All of this works well with the GC. Async does cause allocations of course, but this is a price we're more than willing to pay. We've shared some GC dumps with the designer of the .NET GC and she believes they are sensible for a functional language. Hopac took optimization to a greater extreme, reducing allocations where possible.

Another F# library of interest is MBrace. This takes the notion of Async and fits it with a scheduler that schedules across a cluster rather than an individual instance.

Hopefully this helps!

Also, to compare with other languages:

Async is similar to a Future (such as in Java), with the difference that Future produces a result once and caches it, whereas Async re-evaluates each time it is executed. It can be made to cache of course. A Future is more like a TPL Task, though IMO, Async provides a more predictable programming model.

Go has go-routines and channels. A go-routine is similar to Async. In essence, they are a notion of light-weigh thread. Note however that Hopac support for channels is far richer than that of Go.

> async channels are special cases of sync channels

You got it the other way around - synchronous is a special case of asynchronous, because any synchronous result or stream can be processed asynchronously, but for having guaranteed synchronous results you're adding restrictions. And going the other way, from async to sync is not possible without blocking threads, which is an error prone, platform specific hack. Take the possibility of blocking threads away and you'll notice the true nature of these models.

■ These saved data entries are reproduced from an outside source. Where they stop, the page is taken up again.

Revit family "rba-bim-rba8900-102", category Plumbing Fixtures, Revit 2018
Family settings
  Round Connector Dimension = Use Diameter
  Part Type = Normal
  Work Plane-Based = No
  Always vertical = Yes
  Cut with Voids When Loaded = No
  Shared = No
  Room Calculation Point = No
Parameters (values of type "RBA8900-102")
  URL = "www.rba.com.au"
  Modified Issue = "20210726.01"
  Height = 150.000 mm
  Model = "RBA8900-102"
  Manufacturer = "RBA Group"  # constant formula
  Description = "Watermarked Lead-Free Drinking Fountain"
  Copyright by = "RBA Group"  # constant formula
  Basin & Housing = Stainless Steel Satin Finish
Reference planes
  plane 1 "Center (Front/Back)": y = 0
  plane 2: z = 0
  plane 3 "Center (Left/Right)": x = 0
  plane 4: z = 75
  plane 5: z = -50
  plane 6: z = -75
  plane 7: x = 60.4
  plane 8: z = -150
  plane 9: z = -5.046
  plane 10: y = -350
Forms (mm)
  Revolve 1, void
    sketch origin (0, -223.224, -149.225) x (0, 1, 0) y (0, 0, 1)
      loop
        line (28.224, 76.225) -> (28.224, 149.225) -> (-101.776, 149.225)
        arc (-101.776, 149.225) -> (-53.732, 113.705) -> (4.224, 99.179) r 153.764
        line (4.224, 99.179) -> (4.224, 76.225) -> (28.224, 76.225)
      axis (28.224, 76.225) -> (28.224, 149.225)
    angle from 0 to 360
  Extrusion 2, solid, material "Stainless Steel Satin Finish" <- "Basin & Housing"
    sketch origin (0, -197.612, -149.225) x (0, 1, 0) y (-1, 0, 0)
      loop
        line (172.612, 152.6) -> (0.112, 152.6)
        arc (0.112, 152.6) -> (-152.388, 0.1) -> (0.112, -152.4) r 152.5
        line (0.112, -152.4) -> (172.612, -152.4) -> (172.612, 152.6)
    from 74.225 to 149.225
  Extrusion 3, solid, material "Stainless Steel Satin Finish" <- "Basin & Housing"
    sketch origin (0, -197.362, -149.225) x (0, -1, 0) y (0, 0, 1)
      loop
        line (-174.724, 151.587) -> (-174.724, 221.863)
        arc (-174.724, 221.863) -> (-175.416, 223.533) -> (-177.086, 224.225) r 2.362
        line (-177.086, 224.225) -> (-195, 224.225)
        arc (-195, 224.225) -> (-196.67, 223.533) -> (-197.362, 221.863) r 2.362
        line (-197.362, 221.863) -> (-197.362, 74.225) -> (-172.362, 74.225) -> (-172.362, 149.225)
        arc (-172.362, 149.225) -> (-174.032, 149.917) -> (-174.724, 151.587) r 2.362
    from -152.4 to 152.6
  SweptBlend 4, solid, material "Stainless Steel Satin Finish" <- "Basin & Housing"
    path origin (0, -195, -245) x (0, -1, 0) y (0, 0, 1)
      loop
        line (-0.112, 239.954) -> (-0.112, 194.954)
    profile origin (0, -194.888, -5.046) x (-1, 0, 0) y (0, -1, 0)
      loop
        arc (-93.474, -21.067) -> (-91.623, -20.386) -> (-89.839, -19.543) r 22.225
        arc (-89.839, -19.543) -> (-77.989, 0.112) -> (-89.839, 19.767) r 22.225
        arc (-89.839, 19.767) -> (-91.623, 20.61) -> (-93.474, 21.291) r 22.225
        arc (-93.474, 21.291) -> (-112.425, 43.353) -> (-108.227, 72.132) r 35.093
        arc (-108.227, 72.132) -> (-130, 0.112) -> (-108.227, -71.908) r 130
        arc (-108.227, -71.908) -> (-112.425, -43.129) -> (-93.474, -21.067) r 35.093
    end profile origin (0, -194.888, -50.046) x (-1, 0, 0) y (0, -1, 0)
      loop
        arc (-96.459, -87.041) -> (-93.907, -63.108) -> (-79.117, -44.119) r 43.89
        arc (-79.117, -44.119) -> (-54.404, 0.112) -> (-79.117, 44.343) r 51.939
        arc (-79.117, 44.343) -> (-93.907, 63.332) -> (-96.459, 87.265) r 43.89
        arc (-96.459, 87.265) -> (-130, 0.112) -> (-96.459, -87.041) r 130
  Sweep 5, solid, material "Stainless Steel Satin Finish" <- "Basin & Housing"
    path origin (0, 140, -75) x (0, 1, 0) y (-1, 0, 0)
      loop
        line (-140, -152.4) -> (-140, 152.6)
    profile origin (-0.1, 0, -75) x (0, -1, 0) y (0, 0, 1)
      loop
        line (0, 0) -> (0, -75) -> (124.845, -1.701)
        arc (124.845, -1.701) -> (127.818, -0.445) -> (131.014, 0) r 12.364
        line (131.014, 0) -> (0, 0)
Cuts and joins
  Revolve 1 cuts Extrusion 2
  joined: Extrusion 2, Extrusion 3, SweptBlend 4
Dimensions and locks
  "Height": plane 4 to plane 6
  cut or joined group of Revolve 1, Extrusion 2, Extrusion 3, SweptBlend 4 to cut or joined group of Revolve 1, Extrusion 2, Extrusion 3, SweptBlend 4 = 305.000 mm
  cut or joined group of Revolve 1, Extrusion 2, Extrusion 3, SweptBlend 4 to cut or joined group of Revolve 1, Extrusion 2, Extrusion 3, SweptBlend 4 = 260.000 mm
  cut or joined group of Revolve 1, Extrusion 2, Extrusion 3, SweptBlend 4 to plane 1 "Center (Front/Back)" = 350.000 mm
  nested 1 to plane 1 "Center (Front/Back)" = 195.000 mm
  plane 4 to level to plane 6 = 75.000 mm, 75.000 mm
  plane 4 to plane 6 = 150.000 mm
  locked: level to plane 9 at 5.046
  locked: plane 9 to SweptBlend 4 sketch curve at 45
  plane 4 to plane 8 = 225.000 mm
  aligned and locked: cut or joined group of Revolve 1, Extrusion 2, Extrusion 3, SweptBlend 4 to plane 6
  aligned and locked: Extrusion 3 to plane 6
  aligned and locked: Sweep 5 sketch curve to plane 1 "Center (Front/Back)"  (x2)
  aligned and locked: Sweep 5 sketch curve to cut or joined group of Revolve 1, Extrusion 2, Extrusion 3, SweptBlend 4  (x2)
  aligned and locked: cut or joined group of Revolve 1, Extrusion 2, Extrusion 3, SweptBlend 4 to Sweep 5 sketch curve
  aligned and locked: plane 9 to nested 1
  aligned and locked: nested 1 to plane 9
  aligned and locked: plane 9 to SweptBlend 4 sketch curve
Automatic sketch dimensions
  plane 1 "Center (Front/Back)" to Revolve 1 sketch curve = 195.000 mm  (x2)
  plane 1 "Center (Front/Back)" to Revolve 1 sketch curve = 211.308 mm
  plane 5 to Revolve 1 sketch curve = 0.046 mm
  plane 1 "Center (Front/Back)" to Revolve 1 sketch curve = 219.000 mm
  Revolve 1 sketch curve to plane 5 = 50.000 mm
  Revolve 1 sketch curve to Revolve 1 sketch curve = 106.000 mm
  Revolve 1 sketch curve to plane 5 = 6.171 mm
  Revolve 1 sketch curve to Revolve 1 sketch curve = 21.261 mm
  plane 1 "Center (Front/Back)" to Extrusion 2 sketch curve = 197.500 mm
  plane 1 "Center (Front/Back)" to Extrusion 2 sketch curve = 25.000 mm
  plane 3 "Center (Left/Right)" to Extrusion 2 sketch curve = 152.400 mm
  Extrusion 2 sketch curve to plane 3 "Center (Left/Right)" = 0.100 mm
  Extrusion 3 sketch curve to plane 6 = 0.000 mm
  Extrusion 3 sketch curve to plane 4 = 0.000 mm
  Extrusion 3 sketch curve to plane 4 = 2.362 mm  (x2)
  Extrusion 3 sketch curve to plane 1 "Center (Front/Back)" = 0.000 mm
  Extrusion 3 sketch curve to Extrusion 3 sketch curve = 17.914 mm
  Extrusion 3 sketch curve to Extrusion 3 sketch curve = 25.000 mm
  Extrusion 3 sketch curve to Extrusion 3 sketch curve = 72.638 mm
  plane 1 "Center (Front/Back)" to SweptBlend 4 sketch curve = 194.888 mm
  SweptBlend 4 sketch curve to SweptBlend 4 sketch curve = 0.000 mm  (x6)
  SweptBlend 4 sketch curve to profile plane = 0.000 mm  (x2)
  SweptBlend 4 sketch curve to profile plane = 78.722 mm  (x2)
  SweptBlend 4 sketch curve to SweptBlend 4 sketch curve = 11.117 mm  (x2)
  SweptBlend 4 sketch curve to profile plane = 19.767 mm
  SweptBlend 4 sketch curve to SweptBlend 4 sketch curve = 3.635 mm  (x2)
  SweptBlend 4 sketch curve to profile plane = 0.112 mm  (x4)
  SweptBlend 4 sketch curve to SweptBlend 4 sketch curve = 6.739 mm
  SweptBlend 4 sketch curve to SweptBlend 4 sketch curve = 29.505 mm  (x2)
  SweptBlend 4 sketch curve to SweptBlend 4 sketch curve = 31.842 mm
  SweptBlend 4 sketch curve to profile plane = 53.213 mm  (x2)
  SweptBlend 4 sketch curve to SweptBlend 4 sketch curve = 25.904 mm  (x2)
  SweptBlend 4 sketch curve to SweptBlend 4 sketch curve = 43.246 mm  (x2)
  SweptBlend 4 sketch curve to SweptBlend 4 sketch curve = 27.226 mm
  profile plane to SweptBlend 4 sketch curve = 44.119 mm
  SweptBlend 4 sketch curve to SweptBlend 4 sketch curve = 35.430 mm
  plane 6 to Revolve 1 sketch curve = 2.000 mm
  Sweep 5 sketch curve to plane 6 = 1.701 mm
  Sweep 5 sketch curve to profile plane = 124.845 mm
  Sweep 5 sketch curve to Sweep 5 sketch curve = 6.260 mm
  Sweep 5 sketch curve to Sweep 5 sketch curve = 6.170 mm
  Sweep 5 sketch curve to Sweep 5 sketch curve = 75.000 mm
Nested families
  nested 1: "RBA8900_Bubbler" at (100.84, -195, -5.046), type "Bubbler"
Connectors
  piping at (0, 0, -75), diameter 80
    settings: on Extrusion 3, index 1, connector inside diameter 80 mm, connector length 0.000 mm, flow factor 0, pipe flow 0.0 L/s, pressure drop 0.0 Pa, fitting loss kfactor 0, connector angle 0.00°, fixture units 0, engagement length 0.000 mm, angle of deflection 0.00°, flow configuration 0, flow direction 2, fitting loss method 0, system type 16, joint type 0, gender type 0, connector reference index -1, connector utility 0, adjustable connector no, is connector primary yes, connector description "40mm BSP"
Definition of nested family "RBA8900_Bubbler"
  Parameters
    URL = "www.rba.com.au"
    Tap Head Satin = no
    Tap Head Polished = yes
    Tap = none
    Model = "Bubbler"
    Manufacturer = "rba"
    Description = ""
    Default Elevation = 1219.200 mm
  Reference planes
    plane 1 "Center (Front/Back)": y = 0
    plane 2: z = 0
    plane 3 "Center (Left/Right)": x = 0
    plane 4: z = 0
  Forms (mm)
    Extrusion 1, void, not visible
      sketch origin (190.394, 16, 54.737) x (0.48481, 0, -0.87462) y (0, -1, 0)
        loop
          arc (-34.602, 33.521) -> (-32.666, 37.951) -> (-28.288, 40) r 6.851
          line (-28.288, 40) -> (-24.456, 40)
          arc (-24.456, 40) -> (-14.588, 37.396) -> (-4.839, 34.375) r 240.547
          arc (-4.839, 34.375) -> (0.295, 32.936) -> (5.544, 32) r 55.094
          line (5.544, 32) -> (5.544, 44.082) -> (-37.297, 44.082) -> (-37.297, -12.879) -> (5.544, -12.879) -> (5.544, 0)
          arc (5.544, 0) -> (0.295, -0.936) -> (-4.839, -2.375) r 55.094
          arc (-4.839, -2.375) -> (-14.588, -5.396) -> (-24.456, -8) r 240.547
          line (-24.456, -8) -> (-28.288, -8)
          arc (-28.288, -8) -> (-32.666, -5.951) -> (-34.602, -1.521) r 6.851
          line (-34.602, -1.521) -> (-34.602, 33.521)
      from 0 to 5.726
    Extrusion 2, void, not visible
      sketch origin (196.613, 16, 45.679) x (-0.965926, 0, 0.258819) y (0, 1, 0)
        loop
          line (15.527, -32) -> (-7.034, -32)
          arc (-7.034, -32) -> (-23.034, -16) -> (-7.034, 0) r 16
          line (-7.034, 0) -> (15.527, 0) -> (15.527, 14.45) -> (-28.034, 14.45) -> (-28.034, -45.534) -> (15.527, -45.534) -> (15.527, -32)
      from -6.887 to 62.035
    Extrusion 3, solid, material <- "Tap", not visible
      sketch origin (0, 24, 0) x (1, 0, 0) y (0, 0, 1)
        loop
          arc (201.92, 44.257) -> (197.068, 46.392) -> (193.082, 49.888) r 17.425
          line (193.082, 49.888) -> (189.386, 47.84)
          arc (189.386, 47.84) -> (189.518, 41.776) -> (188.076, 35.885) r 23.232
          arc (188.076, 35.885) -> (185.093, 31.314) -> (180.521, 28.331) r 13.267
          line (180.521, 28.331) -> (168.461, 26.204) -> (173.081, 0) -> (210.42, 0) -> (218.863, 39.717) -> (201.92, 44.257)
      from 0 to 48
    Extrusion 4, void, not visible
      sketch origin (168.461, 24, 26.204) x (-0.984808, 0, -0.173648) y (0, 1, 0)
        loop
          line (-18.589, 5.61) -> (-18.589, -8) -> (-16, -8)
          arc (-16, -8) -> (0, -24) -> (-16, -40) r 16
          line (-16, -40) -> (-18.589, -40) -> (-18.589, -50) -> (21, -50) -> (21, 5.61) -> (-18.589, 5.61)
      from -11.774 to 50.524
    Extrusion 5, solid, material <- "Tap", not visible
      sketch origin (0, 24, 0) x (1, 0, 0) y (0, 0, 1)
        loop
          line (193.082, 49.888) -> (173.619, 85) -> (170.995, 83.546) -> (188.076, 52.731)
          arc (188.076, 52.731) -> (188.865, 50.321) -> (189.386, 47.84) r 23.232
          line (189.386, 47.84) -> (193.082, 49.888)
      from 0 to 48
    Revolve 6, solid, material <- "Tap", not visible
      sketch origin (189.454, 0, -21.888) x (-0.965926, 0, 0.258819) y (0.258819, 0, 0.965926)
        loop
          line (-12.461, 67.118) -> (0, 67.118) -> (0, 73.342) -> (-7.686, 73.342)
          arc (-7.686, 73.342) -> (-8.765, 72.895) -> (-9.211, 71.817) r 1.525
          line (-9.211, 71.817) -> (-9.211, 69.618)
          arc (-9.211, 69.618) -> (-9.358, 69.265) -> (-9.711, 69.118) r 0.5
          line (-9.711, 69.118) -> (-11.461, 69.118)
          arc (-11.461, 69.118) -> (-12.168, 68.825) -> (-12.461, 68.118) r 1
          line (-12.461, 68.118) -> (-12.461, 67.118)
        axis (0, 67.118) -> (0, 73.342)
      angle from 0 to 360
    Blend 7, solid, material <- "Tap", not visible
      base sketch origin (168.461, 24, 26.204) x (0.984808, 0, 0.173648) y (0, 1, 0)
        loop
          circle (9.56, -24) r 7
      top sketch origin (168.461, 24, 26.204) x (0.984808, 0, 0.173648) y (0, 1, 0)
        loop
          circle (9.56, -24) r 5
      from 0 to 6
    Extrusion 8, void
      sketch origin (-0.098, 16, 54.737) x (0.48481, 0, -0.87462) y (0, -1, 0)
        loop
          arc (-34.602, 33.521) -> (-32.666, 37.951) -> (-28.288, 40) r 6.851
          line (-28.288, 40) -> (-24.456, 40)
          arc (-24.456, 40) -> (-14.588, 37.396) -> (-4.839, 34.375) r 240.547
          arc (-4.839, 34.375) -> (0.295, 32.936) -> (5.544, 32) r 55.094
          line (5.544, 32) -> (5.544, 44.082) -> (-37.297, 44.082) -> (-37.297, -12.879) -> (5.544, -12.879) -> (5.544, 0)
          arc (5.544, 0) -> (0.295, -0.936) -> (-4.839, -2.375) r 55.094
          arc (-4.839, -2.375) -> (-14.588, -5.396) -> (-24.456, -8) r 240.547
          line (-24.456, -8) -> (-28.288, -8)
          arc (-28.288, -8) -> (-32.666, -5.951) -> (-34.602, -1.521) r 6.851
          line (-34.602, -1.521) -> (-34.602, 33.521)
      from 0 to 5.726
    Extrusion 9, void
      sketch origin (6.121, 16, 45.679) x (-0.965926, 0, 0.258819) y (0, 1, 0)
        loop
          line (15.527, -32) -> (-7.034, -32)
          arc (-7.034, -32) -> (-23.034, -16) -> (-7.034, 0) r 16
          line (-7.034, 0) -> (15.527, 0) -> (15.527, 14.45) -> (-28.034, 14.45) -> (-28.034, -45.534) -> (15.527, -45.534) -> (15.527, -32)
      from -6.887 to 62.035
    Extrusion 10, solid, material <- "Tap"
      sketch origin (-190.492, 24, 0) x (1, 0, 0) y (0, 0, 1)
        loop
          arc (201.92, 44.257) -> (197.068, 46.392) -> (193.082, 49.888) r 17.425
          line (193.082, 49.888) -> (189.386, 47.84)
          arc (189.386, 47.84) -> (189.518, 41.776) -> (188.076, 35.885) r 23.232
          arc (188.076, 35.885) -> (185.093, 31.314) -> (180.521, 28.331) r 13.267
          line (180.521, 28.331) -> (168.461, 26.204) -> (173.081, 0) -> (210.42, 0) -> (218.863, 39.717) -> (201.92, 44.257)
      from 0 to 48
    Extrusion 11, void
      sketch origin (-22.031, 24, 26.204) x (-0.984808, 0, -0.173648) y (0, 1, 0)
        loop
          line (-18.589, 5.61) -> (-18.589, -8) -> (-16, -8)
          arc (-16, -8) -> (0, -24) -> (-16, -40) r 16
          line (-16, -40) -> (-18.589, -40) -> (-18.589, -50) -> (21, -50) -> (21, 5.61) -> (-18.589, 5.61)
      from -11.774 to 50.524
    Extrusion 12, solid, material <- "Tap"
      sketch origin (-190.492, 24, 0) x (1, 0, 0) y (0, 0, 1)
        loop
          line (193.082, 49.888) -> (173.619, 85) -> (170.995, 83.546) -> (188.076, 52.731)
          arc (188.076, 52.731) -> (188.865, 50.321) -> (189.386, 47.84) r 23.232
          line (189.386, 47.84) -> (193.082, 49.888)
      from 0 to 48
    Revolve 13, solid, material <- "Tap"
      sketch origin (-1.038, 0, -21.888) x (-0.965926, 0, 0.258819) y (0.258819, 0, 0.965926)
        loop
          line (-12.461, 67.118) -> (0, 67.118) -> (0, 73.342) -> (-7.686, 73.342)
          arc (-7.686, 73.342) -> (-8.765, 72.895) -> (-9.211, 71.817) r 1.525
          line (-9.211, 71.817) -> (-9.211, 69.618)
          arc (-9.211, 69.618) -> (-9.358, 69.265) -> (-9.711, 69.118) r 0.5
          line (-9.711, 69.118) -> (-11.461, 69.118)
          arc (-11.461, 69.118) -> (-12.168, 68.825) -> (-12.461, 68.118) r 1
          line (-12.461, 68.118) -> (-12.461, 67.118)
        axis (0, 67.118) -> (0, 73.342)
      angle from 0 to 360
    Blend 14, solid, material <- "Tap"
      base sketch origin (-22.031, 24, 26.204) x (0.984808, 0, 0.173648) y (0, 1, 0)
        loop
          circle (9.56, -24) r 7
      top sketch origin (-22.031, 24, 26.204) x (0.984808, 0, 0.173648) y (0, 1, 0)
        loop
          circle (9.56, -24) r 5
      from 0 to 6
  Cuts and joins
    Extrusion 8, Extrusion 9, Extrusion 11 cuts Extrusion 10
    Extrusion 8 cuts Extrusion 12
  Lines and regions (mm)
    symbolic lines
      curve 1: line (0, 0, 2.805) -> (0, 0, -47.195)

In CML/Hopac, async channels (buffers) are implemented in terms of sync channels - there is not async channel primitive built in. Synchronization is the essence of this model. When an operation is waiting on a matching communication through a channel, it is suspended, but no OS thread is blocked.

But yes, going from async to sync requires blocking, which is why CML/Hopac takes the approach of making sync the core primitive.

Thank you, that satisfies my curiosity.
Futures, for one (called Tasks I think). There are probably implementations of other models as well, but I never looked for them personally.
I would assume you guys are making heavy use of the sustained low latency GC modes that got introduced in .net recently, or do you use the default?